__DIRECTIONS__: When a line in the records contains the string "equal", copy that line.

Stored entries
= = = =
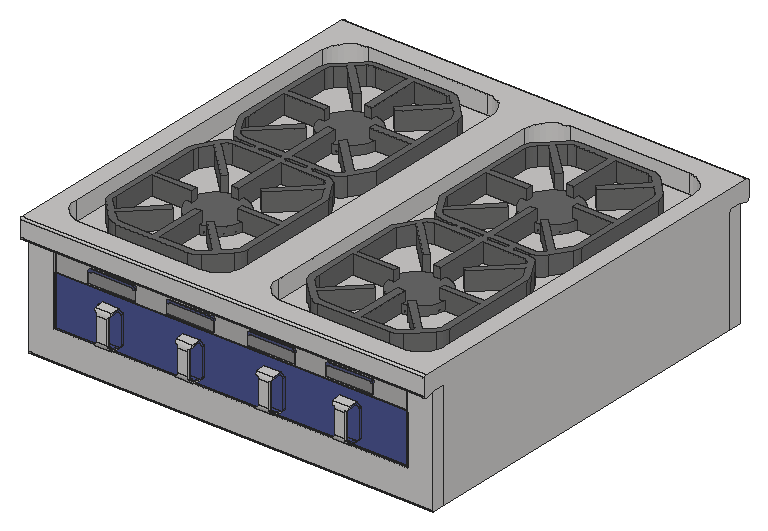
Revit family "QF_ELECTROLUXPROFESSIONAL_588039_MAGGAAHOPO", category Specialty Equipment, Revit 2018
Family settings
  Round Connector Dimension = Use Diameter
  Part Type = Normal
  Work Plane-Based = No
  Always vertical = Yes
  Cut with Voids When Loaded = No
  Shared = No
  Room Calculation Point = No
Parameters
  Weight in Pounds = 138.891
  Watts = 0 W
  URL Cutsheet = ""
  Type Mark [instance] = ""
  Status [instance] = ""
  Specification by User [instance] = ""
  Specification by Manufacturer = ""
  Show Clearance [instance] = yes
  Serial Number = ""
  Seismic Rating = ""
  SMACNA No = ""
  Revision Code [instance] = ""
  Omniclass Number and Title = ""
  NAFEM Spec ID Number = ""
  Model = "588039"
  Mechanical Remarks [instance] = ""
  Mechanical Connection Type [instance] = ""
  Masterspec = ""
  Manufacturer = "ELECTROLUX"
  Item Number [instance] = ""
  Installed By [instance] = ""
  Identify Quantity as Lot [instance] = yes
  HP = "0 HP"
  Gas Size = 1/2"
  Gas RI Height [instance] = 0 mm
  Gas KW = 28
  Gas Input = 95452.0 Btu/h
  Gas Connection Height [instance] = 0 mm
  Furnished By [instance] = ""
  Foodservice Equipment Identifier [instance] = yes
  Direct Waste Size = 0"
  Description = "GAS TOP,4 BURNERS,1-SIDE,800X800X250H"
  CSI MasterFormat = ""
  CSI Master Format = ""
  Back Panel [instance] = yes
Reference planes
  plane 1 "BACK": y = 0
  plane 2: z = 0
  plane 3 "LEFT": x = 0
  plane 4 "RIGHT": x = 800
  plane 5 "FRONT": y = -800
  plane 6 "TOP": z = 250
  plane 7: x = 400
  plane 8: y = -400
  plane 9: z = 370
  plane 10: x = 765
  plane 11: y = -60.425
Forms (mm)
  Extrusion 1, solid, material "QF_Finishes_Stainless Steel"
    sketch origin (0, -487.128, 0) x (0, 1, 0) y (0, 0, 1)
      loop
        line (483.128, 250) -> (-308.872, 250)
        arc (-308.872, 250) -> (-311.7, 248.828) -> (-312.872, 246) r 4
        line (-312.872, 246) -> (-312.872, 214)
        arc (-312.872, 214) -> (-311.437, 210.931) -> (-308.161, 210.064) r 4
        line (-308.161, 210.064) -> (-292.872, 213) -> (-267.872, 213) -> (-267.872, 0) -> (442.128, 0) -> (442.128, 213) -> (465.765, 213) -> (482.433, 210.061)
        arc (482.433, 210.061) -> (485.699, 210.936) -> (487.128, 214) r 4
        line (487.128, 214) -> (487.128, 246)
        arc (487.128, 246) -> (485.956, 248.828) -> (483.128, 250) r 4
    from 0 to 800
  Extrusion 2, void
    sketch origin (653.786, 44.048, 250) x (1, 0, 0) y (0, -1, 0)
      loop
        line (-570.234, 89.462) -> (-334.333, 89.462)
        arc (-334.333, 89.462) -> (-299.707, 103.805) -> (-285.364, 138.432) r 48.97
        line (-285.364, 138.432) -> (-285.364, 750.078)
        arc (-285.364, 750.078) -> (-299.707, 784.705) -> (-334.333, 799.048) r 48.97
        line (-334.333, 799.048) -> (-570.234, 799.048)
        arc (-570.234, 799.048) -> (-605.59, 784.403) -> (-620.234, 749.048) r 50
        line (-620.234, 749.048) -> (-620.234, 139.462)
        arc (-620.234, 139.462) -> (-605.59, 104.107) -> (-570.234, 89.462) r 50
      loop
        line (64.679, 799.048) -> (-171.222, 799.048)
        arc (-171.222, 799.048) -> (-206.577, 784.403) -> (-221.222, 749.048) r 50
        line (-221.222, 749.048) -> (-221.222, 139.462)
        arc (-221.222, 139.462) -> (-206.577, 104.107) -> (-171.222, 89.462) r 50
        line (-171.222, 89.462) -> (64.679, 89.462)
        arc (64.679, 89.462) -> (99.306, 103.805) -> (113.649, 138.432) r 48.97
        line (113.649, 138.432) -> (113.649, 750.078)
        arc (113.649, 750.078) -> (99.306, 784.705) -> (64.679, 799.048) r 48.97
    from 0 to 37
  Extrusion 3, solid, material "QF_Finishes_Stainless Steel"
    sketch origin (10, -560, 0) x (1, 0, 0) y (0, -1, 0)
      loop
        circle (755, -70) r 6.35
    from 0 to 3.2
  Extrusion 4, solid, material "QF_Finishes_Stainless Steel", visible <- "Back Panel"
    sketch origin (0, 0.586, 0) x (0, 1, 0) y (0, 0, 1)
      loop
        line (-46, 0) -> (-21, 0) -> (-21, 212.833) -> (-21.949, 213) -> (-46, 213) -> (-46, 0)
    from 0 to 800
Cuts and joins
  Extrusion 2 cuts Extrusion 1
Lines and regions (mm)
  symbolic lines
    curve 1: line (0, 0, 0) -> (800, 0, 0)
    curve 2: line (0, -800, 0) -> (0, 0, 0)
    curve 3: line (800, -800, 0) -> (0, -800, 0)
    curve 4: line (800, 0, 0) -> (800, -800, 0)
    curve 5: arc (83.552, -755, 0) -> (48.197, -740.355, 0) -> (33.552, -705, 0) r 50
    curve 6: line (33.552, -705, 0) -> (33.552, -95.414, 0)
    curve 7: arc (33.552, -95.414, 0) -> (48.197, -60.059, 0) -> (83.552, -45.414, 0) r 50
    curve 8: line (83.552, -45.414, 0) -> (317.592, -45.414, 0)
    curve 9: arc (718.465, -45.414, 0) -> (753.092, -59.757, 0) -> (767.435, -94.384, 0) r 48.97
    curve 10: line (767.435, -94.384, 0) -> (767.435, -706.03, 0)
    curve 11: arc (767.435, -706.03, 0) -> (753.092, -740.657, 0) -> (718.465, -755, 0) r 48.97
    curve 12: line (718.465, -755, 0) -> (482.408, -755, 0)
    curve 13: line (482.408, -45.414, 0) -> (718.465, -45.414, 0)
    curve 14: line (317.592, -755, 0) -> (83.552, -755, 0)
    curve 15: arc (482.408, -755, 0) -> (447.053, -740.355, 0) -> (432.408, -705, 0) r 50
    curve 16: line (432.408, -705, 0) -> (432.408, -95.414, 0)
    curve 17: arc (432.408, -95.414, 0) -> (447.053, -60.059, 0) -> (482.408, -45.414, 0) r 50
    curve 18: arc (317.592, -755, 0) -> (352.947, -740.355, 0) -> (367.592, -705, 0) r 50
    curve 19: line (367.592, -705, 0) -> (367.592, -95.414, 0)
    curve 20: arc (367.592, -95.414, 0) -> (352.947, -60.059, 0) -> (317.592, -45.414, 0) r 50
Dimensions and locks
  plane 3 "LEFT" to plane 4 "RIGHT" = 800 mm
  plane 5 "FRONT" to plane 1 "BACK" = 800 mm
  equal spacing: plane 3 "LEFT", plane 7, plane 4 "RIGHT"
  equal spacing: plane 5 "FRONT", plane 8, plane 1 "BACK"
  plane 6 "TOP" to level = 250 mm  (x2)
  plane 1 "BACK" to plane 5 "FRONT" = 800 mm
  Extrusion 3 sketch curve to plane 1 "BACK" = 490 mm
  Extrusion 3 sketch curve to plane 4 "RIGHT" = 35 mm
  plane 1 "BACK" to Extrusion 3 = 490 mm
  locked: plane 10 to plane 4 "RIGHT" at 35
  aligned and locked: level to plane 2
  aligned and locked: Extrusion 1 to plane 4 "RIGHT"
Automatic sketch dimensions
  Extrusion 1 sketch curve to plane 5 "FRONT" = 0 mm
  Extrusion 1 sketch curve to plane 6 "TOP" = 0 mm
  Extrusion 1 sketch curve to level = 0 mm
  Extrusion 1 sketch curve to plane 1 "BACK" = 0 mm
  Extrusion 1 sketch curve to plane 6 "TOP" = 37 mm  (x2)
  Extrusion 1 sketch curve to plane 5 "FRONT" = 4 mm
  Extrusion 1 sketch curve to plane 5 "FRONT" = 20 mm
  Extrusion 1 sketch curve to plane 5 "FRONT" = 45 mm
  plane 1 "BACK" to Extrusion 1 sketch curve = 21.363 mm
  plane 1 "BACK" to Extrusion 1 sketch curve = 4 mm  (x2)
  Extrusion 1 sketch curve to Extrusion 1 sketch curve = 4 mm
  Extrusion 1 sketch curve to Extrusion 1 sketch curve = 0.711 mm
  plane 1 "BACK" to Extrusion 1 sketch curve = 4.695 mm
  Extrusion 1 sketch curve to Extrusion 1 sketch curve = 0 mm  (x2)
  Extrusion 1 sketch curve to Extrusion 1 sketch curve = 1 mm  (x2)
  plane 1 "BACK" to Extrusion 1 sketch curve = 45 mm
  plane 1 "BACK" to curve 1 = 0 mm
  curve 1 to plane 4 "RIGHT" = 0 mm
  curve 3 to plane 3 "LEFT" = 0 mm
  curve 10 to plane 10 = 2.435 mm
  plane 11 to curve 13 = 15.012 mm
  plane 10 to curve 13 = 46.535 mm
  plane 10 to curve 12 = 46.535 mm
  plane 7 to curve 16 = 32.408 mm
  curve 19 to plane 7 = 32.408 mm
  plane 3 "LEFT" to curve 8 = 83.552 mm
  plane 3 "LEFT" to curve 14 = 83.552 mm
  plane 3 "LEFT" to curve 6 = 33.552 mm
  curve 15 to curve 16 = 50 mm
  curve 20 to plane 11 = 34.988 mm
  curve 18 to plane 5 "FRONT" = 45 mm
  curve 19 to curve 18 = 50 mm
  Extrusion 1 to Extrusion 2 sketch curve = 33.552 mm
  Extrusion 1 to Extrusion 2 sketch curve = 41 mm  (x2)
  Extrusion 2 sketch curve to Extrusion 2 sketch curve = 50 mm  (x4)
  Extrusion 1 to Extrusion 2 sketch curve = 41.414 mm
  Extrusion 2 sketch curve to Extrusion 2 sketch curve = 235.901 mm  (x2)
  Extrusion 2 sketch curve to Extrusion 2 sketch curve = 48.97 mm
  Extrusion 2 sketch curve to Extrusion 2 sketch curve = 64.142 mm
  Extrusion 1 to Extrusion 2 sketch curve = 81.535 mm  (x2)
  Extrusion 1 to Extrusion 2 sketch curve = 32.565 mm
  Extrusion 2 sketch curve to Extrusion 2 sketch curve = 1.03 mm
  curve 18 to curve 16 = 0 mm
  plane 11 to curve 8 = 15.012 mm
  curve 16 to plane 11 = 34.988 mm
  Extrusion 4 sketch curve to level = 0 mm
  plane 11 to Extrusion 4 sketch curve = 15.012 mm
  Extrusion 4 sketch curve to plane 6 "TOP" = 37.167 mm
  plane 1 "BACK" to Extrusion 4 sketch curve = 21.363 mm
  plane 1 "BACK" to Extrusion 4 sketch curve = 20.414 mm
  Extrusion 4 sketch curve to Extrusion 4 sketch curve = 0.167 mm
  plane 5 "FRONT" to curve 3 = 0 mm
  radius of Extrusion 3 sketch curve = 6.35 mm
Nested families
  nested 1: "OBT_800_Open Burner" at (200, -400.207, -649.319), type "OBT_800_Open Burner"
  nested 2: "OBT_800_Open Burner" at (600, -400.207, -649.319) x (-1, 0, 0) z (0, 0, 1), type "OBT_800_Open Burner"
  nested 3: "EG_800_1000_Double Range Control Handle Front Panel" at (202.376, -755, -650), type "EG_800_1000_Double Range Control Handle Front Panel"
Connectors
  piping at (765, -490, -3.2), diameter 12.8
    settings: on Extrusion 3, index 1, connector inside diameter 0.50394", connector length 0 mm, flow factor 0, pipe flow 0 GPM, pressure drop 0.00 psi, fitting loss kfactor 0, connector angle 0.00°, fixture units 0, engagement length 0 mm, angle of deflection 0.00°, flow configuration 1, flow direction 1, fitting loss method 0, system type 7, joint type 0, gender type 0, connector reference index -1, connector utility 0, adjustable connector no, is connector primary yes, connector description "GAS CONNECTION"
Definition of nested family "OBT_800_Open Burner"
  Reference planes
    plane 1 "Center (Front/Back)": y = 0
    plane 2: z = 0
    plane 3 "Center (Left/Right)": x = 0
    plane 4: x = -136.448
    plane 5: x = 137.435
    plane 6: y = 324.793
    plane 7: y = -324.793
  Forms (mm)
    Extrusion 1, solid
      sketch origin (2130.573, 56.896, -679.622) x (1, 0, 0) y (0, 1, 0)
        loop
          line (-2137.44, 256.49) -> (-2200.793, 256.49)
          arc (-2200.793, 256.49) -> (-2207.908, 255.075) -> (-2213.94, 251.044) r 18.593
          line (-2213.94, 251.044) -> (-2226.233, 238.751) -> (-2163.48, 175.998) -> (-2171.6, 167.877) -> (-2234.354, 230.631) -> (-2250.33, 214.654)
          arc (-2250.33, 214.654) -> (-2254.433, 208.337) -> (-2255.614, 200.897) r 18.125
          line (-2255.614, 200.897) -> (-2255.614, 113.422) -> (-2175.79, 113.422) -> (-2175.79, 101.938) -> (-2255.614, 101.938) -> (-2255.614, 10.897)
          arc (-2255.614, 10.897) -> (-2254.981, 6.085) -> (-2253.123, 1.601) r 18.593
          line (-2253.123, 1.601) -> (-2240.078, -20.994) -> (-2171.6, 47.483) -> (-2163.48, 39.363) -> (-2234.012, -31.169)
          arc (-2234.012, -31.169) -> (-2228.546, -38.527) -> (-2220.23, -42.379) r 18.593
          line (-2220.23, -42.379) -> (-2137.44, -42.379) -> (-2137.44, 62.464) -> (-2123.707, 62.464) -> (-2123.707, -42.379) -> (-2039.969, -42.379)
          arc (-2039.969, -42.379) -> (-2031.653, -38.527) -> (-2026.187, -31.169) r 18.593
          line (-2026.187, -31.169) -> (-2097.271, 39.915) -> (-2089.15, 48.035) -> (-2020.118, -20.997) -> (-2004.585, 5.916) -> (-2004.585, 101.938) -> (-2085.357, 101.938) -> (-2085.357, 113.422) -> (-2004.585, 113.422) -> (-2004.585, 197.888)
          arc (-2004.585, 197.888) -> (-2006.695, 208.496) -> (-2012.704, 217.489) r 27.72
          line (-2012.704, 217.489) -> (-2025.845, 230.631) -> (-2089.15, 167.325) -> (-2097.271, 175.446) -> (-2033.966, 238.751) -> (-2046.259, 251.044)
          arc (-2046.259, 251.044) -> (-2052.291, 255.075) -> (-2059.406, 256.49) r 18.593
          line (-2059.406, 256.49) -> (-2123.707, 256.49) -> (-2123.707, 152.897) -> (-2137.44, 152.897) -> (-2137.44, 256.49)
        loop
          arc (-2267.021, 10.897) -> (-2265.999, 3.132) -> (-2263.002, -4.103) r 30
          line (-2263.002, -4.103) -> (-2242.795, -39.103)
          arc (-2242.795, -39.103) -> (-2231.814, -50.084) -> (-2216.814, -54.103) r 30
          line (-2216.814, -54.103) -> (-2189.287, -54.103)
          arc (-2189.287, -54.103) -> (-2188.243, -56) -> (-2186.272, -56.896) r 3.438
          arc (-2186.272, -56.896) -> (-2188.243, -57.792) -> (-2189.287, -59.689) r 3.438
          line (-2189.287, -59.689) -> (-2216.814, -59.689)
          arc (-2216.814, -59.689) -> (-2231.814, -63.708) -> (-2242.795, -74.689) r 30
          line (-2242.795, -74.689) -> (-2263.002, -109.689)
          arc (-2263.002, -109.689) -> (-2265.999, -116.924) -> (-2267.021, -124.689) r 30
          line (-2267.021, -124.689) -> (-2267.021, -315.461)
          arc (-2267.021, -315.461) -> (-2264.738, -326.941) -> (-2258.234, -336.674) r 30
          line (-2258.234, -336.674) -> (-2221.975, -372.933)
          arc (-2221.975, -372.933) -> (-2212.253, -379.414) -> (-2200.793, -381.689) r 30
          line (-2200.793, -381.689) -> (-2059.406, -381.689)
          arc (-2059.406, -381.689) -> (-2047.942, -379.412) -> (-2038.218, -372.928) r 30
          line (-2038.218, -372.928) -> (-2001.964, -336.674)
          arc (-2001.964, -336.674) -> (-1995.461, -326.941) -> (-1993.138, -315.461) r 30
          line (-1993.138, -315.461) -> (-1993.138, -116.719) -> (-2017.404, -74.689)
          arc (-2017.404, -74.689) -> (-2028.385, -63.708) -> (-2043.385, -59.689) r 30
          line (-2043.385, -59.689) -> (-2070.476, -59.689)
          arc (-2070.476, -59.689) -> (-2072.136, -57.759) -> (-2074.531, -56.896) r 5
          arc (-2074.531, -56.896) -> (-2072.136, -56.033) -> (-2070.476, -54.103) r 5
          line (-2070.476, -54.103) -> (-2043.385, -54.103)
          arc (-2043.385, -54.103) -> (-2028.385, -50.084) -> (-2017.404, -39.103) r 30
          line (-2017.404, -39.103) -> (-1993.294, 2.656) -> (-1993.294, 204.314)
          arc (-1993.294, 204.314) -> (-1995.995, 214.361) -> (-2001.964, 222.882) r 30
          line (-2001.964, 222.882) -> (-2038.218, 259.136)
          arc (-2038.218, 259.136) -> (-2047.942, 265.62) -> (-2059.406, 267.897) r 30
          line (-2059.406, 267.897) -> (-2200.793, 267.897)
          arc (-2200.793, 267.897) -> (-2212.253, 265.622) -> (-2221.975, 259.141) r 30
          line (-2221.975, 259.141) -> (-2258.234, 222.882)
          arc (-2258.234, 222.882) -> (-2264.738, 213.149) -> (-2267.021, 201.669) r 30
          line (-2267.021, 201.669) -> (-2267.021, 10.897)
        loop
          arc (-2122.397, -54.103) -> (-2124.057, -56.033) -> (-2126.452, -56.896) r 5
          arc (-2126.452, -56.896) -> (-2124.057, -57.759) -> (-2122.397, -59.689) r 5
          line (-2122.397, -59.689) -> (-2085.985, -59.689)
          arc (-2085.985, -59.689) -> (-2084.941, -57.792) -> (-2082.97, -56.896) r 3.438
          arc (-2082.97, -56.896) -> (-2084.941, -56) -> (-2085.985, -54.103) r 3.438
          line (-2085.985, -54.103) -> (-2122.397, -54.103)
        loop
          arc (-2173.778, -54.103) -> (-2175.438, -56.033) -> (-2177.833, -56.896) r 5
          arc (-2177.833, -56.896) -> (-2175.438, -57.759) -> (-2173.778, -59.689) r 5
          line (-2173.778, -59.689) -> (-2137.906, -59.689)
          arc (-2137.906, -59.689) -> (-2136.862, -57.792) -> (-2134.891, -56.896) r 3.438
          arc (-2134.891, -56.896) -> (-2136.862, -56) -> (-2137.906, -54.103) r 3.438
          line (-2137.906, -54.103) -> (-2173.778, -54.103)
        loop
          line (-2137.44, -370.282) -> (-2137.44, -265.439) -> (-2123.707, -265.439) -> (-2123.707, -370.282) -> (-2059.406, -370.282)
          arc (-2059.406, -370.282) -> (-2052.291, -368.867) -> (-2046.259, -364.836) r 18.593
          line (-2046.259, -364.836) -> (-2033.341, -351.918) -> (-2097.271, -287.988) -> (-2089.15, -279.867) -> (-2025.22, -343.798) -> (-2012.704, -331.281)
          arc (-2012.704, -331.281) -> (-2006.695, -322.288) -> (-2004.585, -311.68) r 27.72
          line (-2004.585, -311.68) -> (-2004.585, -225.964) -> (-2085.357, -225.964) -> (-2085.357, -214.48) -> (-2004.585, -214.48) -> (-2004.585, -119.708) -> (-2020.576, -92.003) -> (-2089.15, -160.577) -> (-2097.271, -152.457) -> (-2026.57, -81.755)
          arc (-2026.57, -81.755) -> (-2032.024, -74.971) -> (-2039.969, -71.413) r 18.593
          line (-2039.969, -71.413) -> (-2123.707, -71.413) -> (-2123.707, -175.006) -> (-2137.44, -175.006) -> (-2137.44, -71.413) -> (-2220.23, -71.413)
          arc (-2220.23, -71.413) -> (-2228.175, -74.971) -> (-2233.629, -81.755) r 18.593
          line (-2233.629, -81.755) -> (-2163.48, -151.905) -> (-2171.6, -160.025) -> (-2239.62, -92.005) -> (-2253.123, -115.393)
          arc (-2253.123, -115.393) -> (-2254.981, -119.877) -> (-2255.614, -124.689) r 18.593
          line (-2255.614, -124.689) -> (-2255.614, -214.48) -> (-2175.79, -214.48) -> (-2175.79, -225.964) -> (-2255.614, -225.964) -> (-2255.614, -314.689)
          arc (-2255.614, -314.689) -> (-2254.433, -322.129) -> (-2250.33, -328.446) r 18.125
          line (-2250.33, -328.446) -> (-2234.979, -343.798) -> (-2171.6, -280.419) -> (-2163.48, -288.54) -> (-2226.858, -351.918) -> (-2213.94, -364.836)
          arc (-2213.94, -364.836) -> (-2207.908, -368.867) -> (-2200.793, -370.282) r 18.593
          line (-2200.793, -370.282) -> (-2137.44, -370.282)
      from 1542.072 to 1578.941
    Extrusion 2, solid
      sketch origin (2130.573, 86.122, 0) x (1, 0, 0) y (0, 1, 0)
        loop
          circle (-2130.573, -249.448) r 55
        loop
          circle (-2130.573, 78.455) r 55
      from 862.45 to 879.837
    Extrusion 3, void
      sketch origin (-124.371, -330.785, -22.784) x (-0.587785, -0.809017, 0) y (0, 0, 1)
        loop
          circle (-213.495, 891.283) r 1
      from -67.69 to -35.114
    Extrusion 4, void
      sketch origin (-89.903, -351.417, -22.784) x (-0.422618, -0.906308, 0) y (0, 0, 1)
        loop
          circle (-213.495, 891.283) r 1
= = = =
__YOUR SOLUTION__:
  equal spacing: plane 3 "LEFT", plane 7, plane 4 "RIGHT"
  equal spacing: plane 5 "FRONT", plane 8, plane 1 "BACK"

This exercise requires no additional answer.